#### Data to process ####

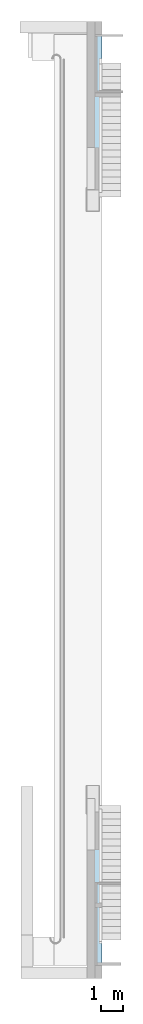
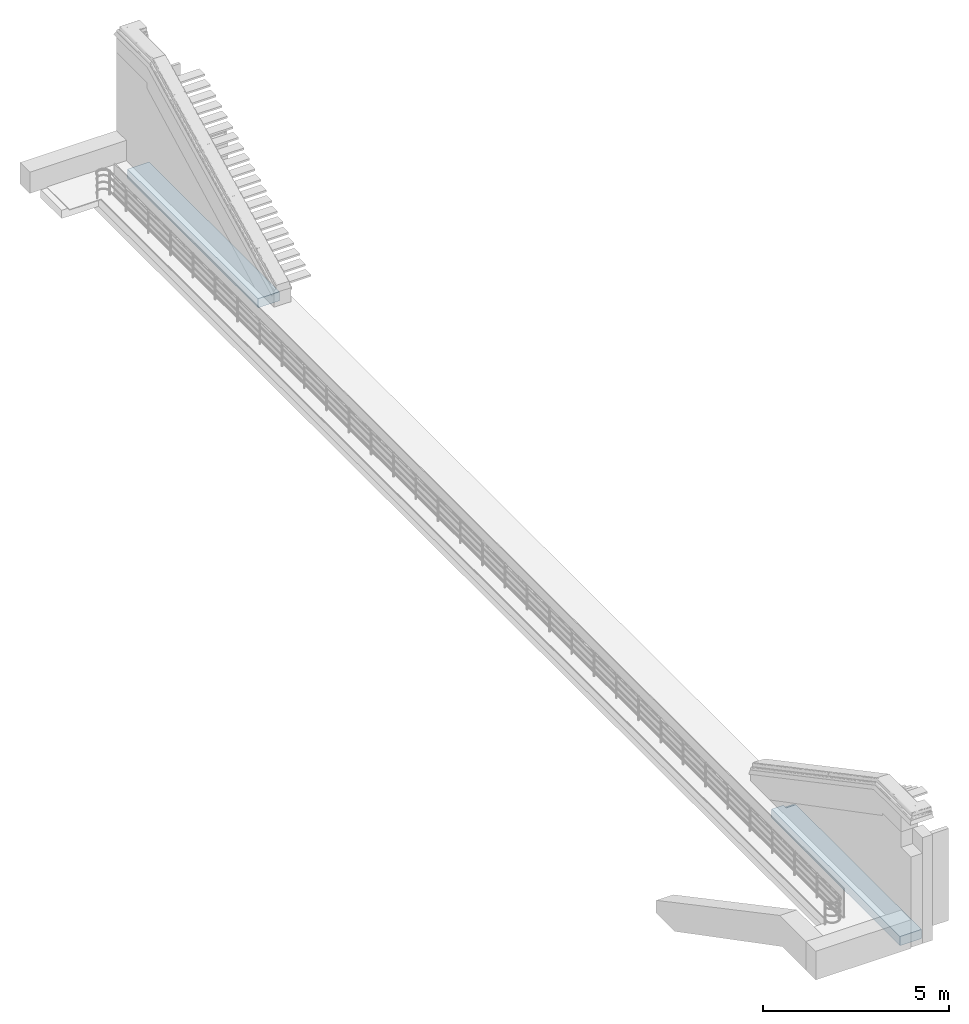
# One storey, part 3 of 5: 1 slab, 4 openings.
"""IFC2X3 building model written with IfcOpenShell, lengths in millimetres."""

from ifc_helpers import new_model, entity, si_unit, converted_unit, derived_unit, direction, frame, origin, origin_2d_with_axis, place, context, subcontext, project, spatial, polyline, rectangle, outline, extrude, faceted_brep, material, layer, layer_set, type_object, element, save


model = new_model("IFC2X3")

# Units and contexts
model_context = context("Model", 3, precision=0.01, world=origin(), true_north=direction((6.123031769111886e-17, 1.0)))
body_context = subcontext(model_context, "Body", "Model", "MODEL_VIEW")
ifc_project = project(units=[si_unit("LENGTHUNIT", "METRE", prefix="MILLI"), si_unit("AREAUNIT", "SQUARE_METRE"), si_unit("VOLUMEUNIT", "CUBIC_METRE"), converted_unit("PLANEANGLEUNIT", "DEGREE", entity("IfcPlaneAngleMeasure", 0.017453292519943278), si_unit("PLANEANGLEUNIT", "RADIAN"), dimensions=[0, 0, 0, 0, 0, 0, 0]), si_unit("MASSUNIT", "GRAM", prefix="KILO"), derived_unit("MASSDENSITYUNIT", [(si_unit("MASSUNIT", "GRAM", prefix="KILO"), 1), (si_unit("LENGTHUNIT", "METRE"), -3)]), derived_unit("IONCONCENTRATIONUNIT", [(si_unit("MASSUNIT", "GRAM", prefix="KILO"), 1), (si_unit("LENGTHUNIT", "METRE"), -3)]), derived_unit("MOMENTOFINERTIAUNIT", [(si_unit("LENGTHUNIT", "METRE"), 4)]), si_unit("TIMEUNIT", "SECOND"), si_unit("FREQUENCYUNIT", "HERTZ"), si_unit("THERMODYNAMICTEMPERATUREUNIT", "DEGREE_CELSIUS"), derived_unit("THERMALTRANSMITTANCEUNIT", [(si_unit("MASSUNIT", "GRAM", prefix="KILO"), 1), (si_unit("THERMODYNAMICTEMPERATUREUNIT", "KELVIN"), -1), (si_unit("TIMEUNIT", "SECOND"), -3)]), derived_unit("THERMALCONDUCTANCEUNIT", [(si_unit("MASSUNIT", "GRAM", prefix="KILO"), 1), (si_unit("THERMODYNAMICTEMPERATUREUNIT", "KELVIN"), -1), (si_unit("TIMEUNIT", "SECOND"), -3), (si_unit("LENGTHUNIT", "METRE"), 1)]), derived_unit("VOLUMETRICFLOWRATEUNIT", [(si_unit("LENGTHUNIT", "METRE", prefix="DECI"), 3), (si_unit("TIMEUNIT", "SECOND"), -1)]), derived_unit("MASSFLOWRATEUNIT", [(si_unit("MASSUNIT", "GRAM", prefix="KILO"), 1), (si_unit("TIMEUNIT", "SECOND"), -1)]), derived_unit("ROTATIONALFREQUENCYUNIT", [(si_unit("TIMEUNIT", "SECOND"), -1)]), si_unit("ELECTRICCURRENTUNIT", "AMPERE"), si_unit("ELECTRICVOLTAGEUNIT", "VOLT"), si_unit("POWERUNIT", "WATT"), si_unit("FORCEUNIT", "NEWTON", prefix="KILO"), si_unit("ILLUMINANCEUNIT", "LUX"), si_unit("LUMINOUSFLUXUNIT", "LUMEN"), si_unit("LUMINOUSINTENSITYUNIT", "CANDELA"), si_unit("ENERGYUNIT", "JOULE"), derived_unit("USERDEFINED", [(si_unit("MASSUNIT", "GRAM", prefix="KILO"), -1), (si_unit("LENGTHUNIT", "METRE"), -2), (si_unit("TIMEUNIT", "SECOND"), 3), (si_unit("LUMINOUSFLUXUNIT", "LUMEN"), 1)]), derived_unit("USERDEFINED", [(si_unit("MASSUNIT", "GRAM", prefix="KILO"), 1), (si_unit("TIMEUNIT", "SECOND"), -3), (si_unit("LENGTHUNIT", "METRE"), 3), (si_unit("ELECTRICCURRENTUNIT", "AMPERE"), -2)]), derived_unit("SOUNDPOWERUNIT", [(si_unit("MASSUNIT", "GRAM", prefix="KILO"), 1), (si_unit("TIMEUNIT", "SECOND"), -3), (si_unit("LENGTHUNIT", "METRE"), 2)]), derived_unit("SOUNDPRESSUREUNIT", [(si_unit("MASSUNIT", "GRAM", prefix="KILO"), 1), (si_unit("LENGTHUNIT", "METRE"), -1), (si_unit("TIMEUNIT", "SECOND"), -2)]), derived_unit("LINEARVELOCITYUNIT", [(si_unit("LENGTHUNIT", "METRE"), 1), (si_unit("TIMEUNIT", "SECOND"), -1)]), si_unit("PRESSUREUNIT", "PASCAL"), derived_unit("USERDEFINED", [(si_unit("MASSUNIT", "GRAM", prefix="KILO"), 1), (si_unit("LENGTHUNIT", "METRE"), -2), (si_unit("TIMEUNIT", "SECOND"), -2)]), derived_unit("LINEARFORCEUNIT", [(si_unit("MASSUNIT", "GRAM", prefix="KILO"), 1), (si_unit("TIMEUNIT", "SECOND"), -2)]), derived_unit("PLANARFORCEUNIT", [(si_unit("MASSUNIT", "GRAM", prefix="KILO"), 1), (si_unit("LENGTHUNIT", "METRE"), -1), (si_unit("TIMEUNIT", "SECOND"), -2)]), derived_unit("SPECIFICHEATCAPACITYUNIT", [(si_unit("THERMODYNAMICTEMPERATUREUNIT", "KELVIN"), -1), (si_unit("LENGTHUNIT", "METRE"), 2), (si_unit("TIMEUNIT", "SECOND"), -2)]), derived_unit("HEATFLUXDENSITYUNIT", [(si_unit("MASSUNIT", "GRAM", prefix="KILO"), 1), (si_unit("TIMEUNIT", "SECOND"), -3)]), derived_unit("HEATINGVALUEUNIT", [(si_unit("LENGTHUNIT", "METRE"), 2), (si_unit("TIMEUNIT", "SECOND"), -2)]), derived_unit("VAPORPERMEABILITYUNIT", [(si_unit("LENGTHUNIT", "METRE"), -1), (si_unit("TIMEUNIT", "SECOND"), 1)]), derived_unit("DYNAMICVISCOSITYUNIT", [(si_unit("MASSUNIT", "GRAM", prefix="KILO"), 1), (si_unit("TIMEUNIT", "SECOND"), -1), (si_unit("LENGTHUNIT", "METRE"), -1)]), derived_unit("THERMALEXPANSIONCOEFFICIENTUNIT", [(si_unit("THERMODYNAMICTEMPERATUREUNIT", "KELVIN"), -1)]), derived_unit("MODULUSOFELASTICITYUNIT", [(si_unit("MASSUNIT", "GRAM", prefix="KILO"), 1), (si_unit("LENGTHUNIT", "METRE"), -1), (si_unit("TIMEUNIT", "SECOND"), -2)]), derived_unit("ISOTHERMALMOISTURECAPACITYUNIT", [(si_unit("MASSUNIT", "GRAM", prefix="KILO"), -1), (si_unit("LENGTHUNIT", "METRE"), 3)]), derived_unit("MOISTUREDIFFUSIVITYUNIT", [(si_unit("TIMEUNIT", "SECOND"), -1), (si_unit("LENGTHUNIT", "METRE"), 2)]), derived_unit("MASSPERLENGTHUNIT", [(si_unit("MASSUNIT", "GRAM", prefix="KILO"), 1), (si_unit("LENGTHUNIT", "METRE"), -1)]), derived_unit("THERMALRESISTANCEUNIT", [(si_unit("MASSUNIT", "GRAM", prefix="KILO"), -1), (si_unit("TIMEUNIT", "SECOND"), 3), (si_unit("THERMODYNAMICTEMPERATUREUNIT", "KELVIN"), 1)]), derived_unit("ACCELERATIONUNIT", [(si_unit("LENGTHUNIT", "METRE"), 1), (si_unit("TIMEUNIT", "SECOND"), -2)]), derived_unit("ANGULARVELOCITYUNIT", [(si_unit("TIMEUNIT", "SECOND"), -1), (si_unit("PLANEANGLEUNIT", "RADIAN"), 1)]), derived_unit("LINEARSTIFFNESSUNIT", [(si_unit("MASSUNIT", "GRAM", prefix="KILO"), 1), (si_unit("TIMEUNIT", "SECOND"), -2)]), derived_unit("WARPINGCONSTANTUNIT", [(si_unit("LENGTHUNIT", "METRE"), 6)]), derived_unit("LINEARMOMENTUNIT", [(si_unit("MASSUNIT", "GRAM", prefix="KILO"), 1), (si_unit("LENGTHUNIT", "METRE"), 1), (si_unit("TIMEUNIT", "SECOND"), -2)]), derived_unit("TORQUEUNIT", [(si_unit("MASSUNIT", "GRAM", prefix="KILO"), 1), (si_unit("LENGTHUNIT", "METRE"), 2), (si_unit("TIMEUNIT", "SECOND"), -2)])], contexts=[model_context])

# Site, building, storey
site_placement = place(None, origin())
site = spatial("IfcSite", under=ifc_project, at=site_placement, Name="Default", CompositionType="ELEMENT")
building_placement = place(site_placement, origin())
building = spatial("IfcBuilding", under=site, at=building_placement, Name="Eesti Rahvusraamatukogu hoone renoveerimise projekteerimistööd", CompositionType="ELEMENT")
storey_placement = place(building_placement, frame((0.0, 0.0, 11550.000000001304)))
storey = spatial("IfcBuildingStorey", under=building, at=storey_placement, Name="4. korrus", CompositionType="ELEMENT", Elevation=11550.000000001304)

# Slab, openings
ifc_material = material(Name="ol. olev materjal")
ifc_layer = layer(ifc_material, 300.0)
ifc_layer_set = layer_set([ifc_layer], Name="Floor:ol. olev - 300mm")
slab_type = type_object("IfcSlabType", Name="Floor:ol. olev - 300mm", PredefinedType="FLOOR", material=ifc_layer_set)
slab_placement = place(storey_placement, origin())
slab = element("IfcSlab", 1, at=slab_placement, inside=storey, type_object=slab_type, material=ifc_material, Name="Floor:ol. olev - 300mm", ObjectType="Floor:ol. olev - 300mm", PredefinedType="FLOOR", context=body_context, shape_type="Brep", body=[
    faceted_brep([(-31609.818431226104, 41157.0, -300.0), (-32280.0, 41157.0, -300.0), (-32280.0, 42108.260869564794, -300.0), (-32280.0, 42671.73913043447, -300.0), (-32280.0, 48190.0, -300.0), (-31609.818431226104, 48190.0, -300.0), (-31609.818431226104, 48190.0, 0.0), (-32280.0, 48190.0, 0.0), (-32280.0, 41157.0, 0.0), (-31920.0, 41157.0, 0.0), (-31609.818431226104, 41157.0, 0.0), (-31609.818431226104, 41308.22398297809, 0.0), (-31609.818431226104, 41157.0, -79.25150865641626)], [[[0, 1, 2, 3, 4, 5]], [[6, 7, 8, 9, 10, 11]], [[7, 6, 5, 4]], [[8, 7, 4, 3, 2, 1]], [[1, 0, 12, 10, 9, 8]], [[0, 5, 6, 11, 10, 12]]]),
    faceted_brep([(-32280.0, 6590.0, -300.0), (-31609.818431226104, 6590.0, -300.0), (-31609.818431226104, 6590.0, 0.0), (-32280.0, 6590.0, 0.0), (-32280.0, 13505.0, -300.0), (-32280.0, 13505.0, 0.0), (-31609.818431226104, 13505.0, -300.0), (-31920.0, 13505.0, 0.0), (-31920.0, 13505.0, -79.86425178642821), (-31609.818431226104, 13505.0, -79.86425178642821), (-31920.0, 13352.953742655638, 0.0), (-31609.818431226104, 13352.953742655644, 0.0)], [[[0, 1, 2, 3]], [[4, 0, 3, 5]], [[6, 4, 5, 7, 8, 9]], [[10, 8, 7]], [[8, 10, 11, 9]], [[1, 6, 9, 11, 2]], [[11, 10, 7, 5, 3, 2]], [[1, 0, 4, 6]]]),
])
opening_1_placement = place(slab_placement, origin())
element("IfcOpeningElement", 2, at=opening_1_placement, cuts=slab, Name="Floor:ol. olev - 300mm", ObjectType="Opening", context=body_context, shape_type="SweptSolid", body=[
    extrude(outline(polyline([(2925.7142857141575, 3391.4285714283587), (3005.7142857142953, 3391.4285714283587), (3005.7142857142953, 4451.428571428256), (-3114.2857142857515, 4451.428571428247), (-3114.285714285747, 3291.428571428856), (-2924.285714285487, 3291.428571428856), (-2924.285714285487, -1163.5714285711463), (95.71428571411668, -1163.5714285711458), (95.71428571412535, -2873.5714285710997), (-2994.2857142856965, -2873.5714285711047), (-2994.2857142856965, -4078.5714285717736), (3005.7142857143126, -4078.571428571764), (3005.7142857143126, -3018.5714285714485), (2925.7142857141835, -3018.5714285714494), (2925.7142857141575, 3391.4285714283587)])), frame((2428.5714285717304, 39384.285714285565, 0.0), z_axis=(0.0, 0.0, -1.0), x_axis=(0.0, 1.0, 0.0)), (0.0, 0.0, 1.0), 300.0),
])
opening_2_placement = place(slab_placement, origin())
element("IfcOpeningElement", 3, at=opening_2_placement, cuts=slab, Name="Floor:ol. olev - 300mm", ObjectType="Opening", context=body_context, shape_type="SweptSolid", body=[
    extrude(outline(polyline([(-999.1593040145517, 1175.9580576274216), (-999.1593040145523, 655.9580576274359), (-3023.47344933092, 655.9580576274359), (-3023.473449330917, 2610.958057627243), (-4223.473449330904, 2610.958057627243), (-4223.473449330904, -2814.04194237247), (-3023.473449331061, -2814.04194237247), (-3023.473449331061, -1410.7483457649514), (3356.526550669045, -1410.7483457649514), (3356.526550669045, -2814.041942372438), (4556.526550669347, -2814.041942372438), (4556.526550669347, 2595.9580576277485), (3356.5265506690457, 2595.9580576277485), (3356.5265506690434, 1175.9580576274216), (-999.1593040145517, 1175.9580576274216)])), frame((2453.473449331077, 21594.041942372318, 0.0)), (0.0, 0.0, -1.0), 300.0),
])
opening_3_placement = place(slab_placement, origin())
element("IfcOpeningElement", 4, at=opening_3_placement, cuts=slab, Name="Floor:ol. olev - 300mm", ObjectType="Opening", context=body_context, shape_type="SweptSolid", body=[
    extrude(rectangle(XDim=5190.000000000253, YDim=5170.000000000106, at=origin_2d_with_axis()), frame((2620.0, 51385.0, 0.0), z_axis=(0.0, 0.0, -1.0), x_axis=(-1.0, 0.0, 0.0)), (0.0, 0.0, 1.0), 300.0),
])
opening_4_placement = place(slab_placement, origin())
element("IfcOpeningElement", 5, at=opening_4_placement, cuts=slab, Name="Floor:ol. olev - 300mm", ObjectType="Opening", context=body_context, shape_type="SweptSolid", body=[
    extrude(outline(polyline([(-799.8333109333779, -298.75427597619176), (-799.8333109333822, -1780.49144804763), (910.1666554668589, -1780.491448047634), (910.1666554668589, 2079.2457240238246), (-110.33334453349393, 2079.2457240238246), (-110.33334453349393, -298.75427597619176), (-799.8333109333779, -298.75427597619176)])), frame((2870.491448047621, 31620.166655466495, 0.0), z_axis=(0.0, 0.0, 1.0), x_axis=(0.0, -1.0, 0.0)), (0.0, 0.0, -1.0), 300.0),
])

save(model, "model.ifc")
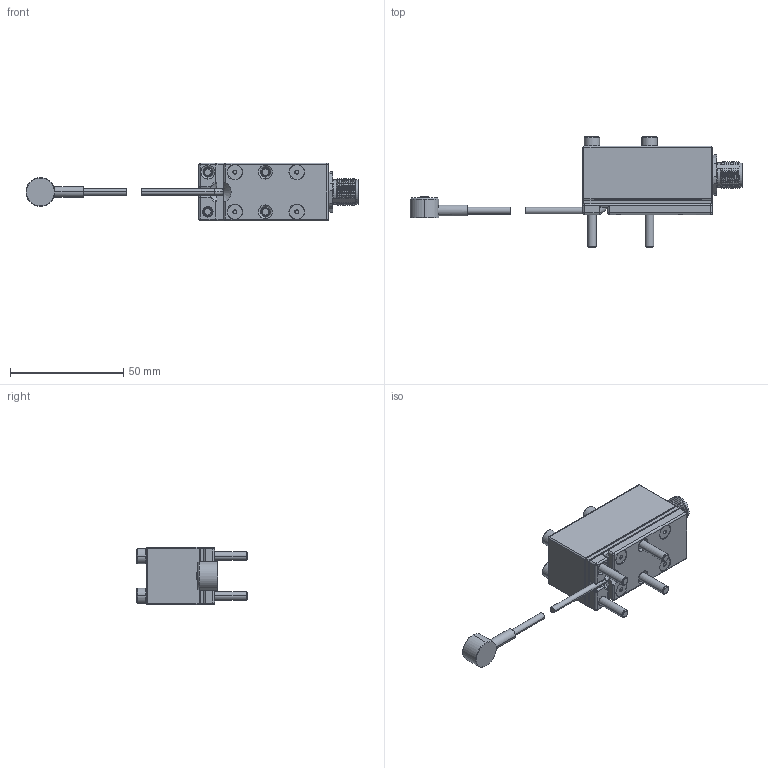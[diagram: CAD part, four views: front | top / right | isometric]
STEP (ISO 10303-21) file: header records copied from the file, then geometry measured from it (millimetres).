
FILE_DESCRIPTION (( 'STEP AP214' ), '1' );
FILE_NAME ('LS-B-127-XXX.STEP', '2024-03-06T15:44:53', ( '' ), ( '' ), 'SwSTEP 2.0', 'SolidWorks 2023', '' );
FILE_SCHEMA (( 'AUTOMOTIVE_DESIGN' ));
Length unit declared in the file: millimetre
Products named in the file (10): LS-B-127-XXX (MA-LSMP-CAS); 92210A110_18-8 Stainless Steel Hex Drive Flat Head Screw_92210A110; LS-B-127 Shield Plate; SACC-E-M12MS-4CON-PG9-0,5; Cable; LS-B-127-XXX; LS-B-127 EMI Gasket; 92196A204_18-8 Stainless Steel Socket Head Screw Simplified_92196A204; Sensor Head; LS-B-127 Bottom Plate
Assembly tree (15 placements, depth 2):
  LS-B-127-XXX
    LS-B-127-XXX (MA-LSMP-CAS)
    LS-B-127 EMI Gasket
    LS-B-127 Bottom Plate
    LS-B-127 Shield Plate
    92210A110_18-8 Stainless Steel Hex Drive Flat Head Screw_92210A110  x4
    SACC-E-M12MS-4CON-PG9-0,5
    Cable
    92196A204_18-8 Stainless Steel Socket Head Screw Simplified_92196A204  x4
    Sensor Head
Bounding box: 146.38 x 48.62 x 25.4 mm (x, y, z)
Volume: 35977.2 mm3; surface area: 28234.9 mm2
Topology: 16 solids, 16 shells, 1723 faces, 4519 edges, 2888 vertices
Faces by surface type: plane 713, cylinder 447, bspline 311, cone 183, torus 46, sphere 23
Entity records: 86787 total; most frequent: CARTESIAN_POINT 53399, ORIENTED_EDGE 7522, DIRECTION 5810, EDGE_CURVE 3761, VERTEX_POINT 2442, LINE 2196, VECTOR 2196, AXIS2_PLACEMENT_3D 1807

####

* What needs to be done: Please output exactly the lines of the data above, from its first line through the line with "# Units and contexts", and nothing else; drop the pictures.

* Solution to this exercise:
# One storey, part 3 of 5: 1 slab, 4 openings.
"""IFC2X3 building model written with IfcOpenShell, lengths in millimetres."""

from ifc_helpers import new_model, entity, si_unit, converted_unit, derived_unit, direction, frame, origin, origin_2d_with_axis, place, context, subcontext, project, spatial, polyline, rectangle, outline, extrude, faceted_brep, material, layer, layer_set, type_object, element, save


model = new_model("IFC2X3")

# Units and contexts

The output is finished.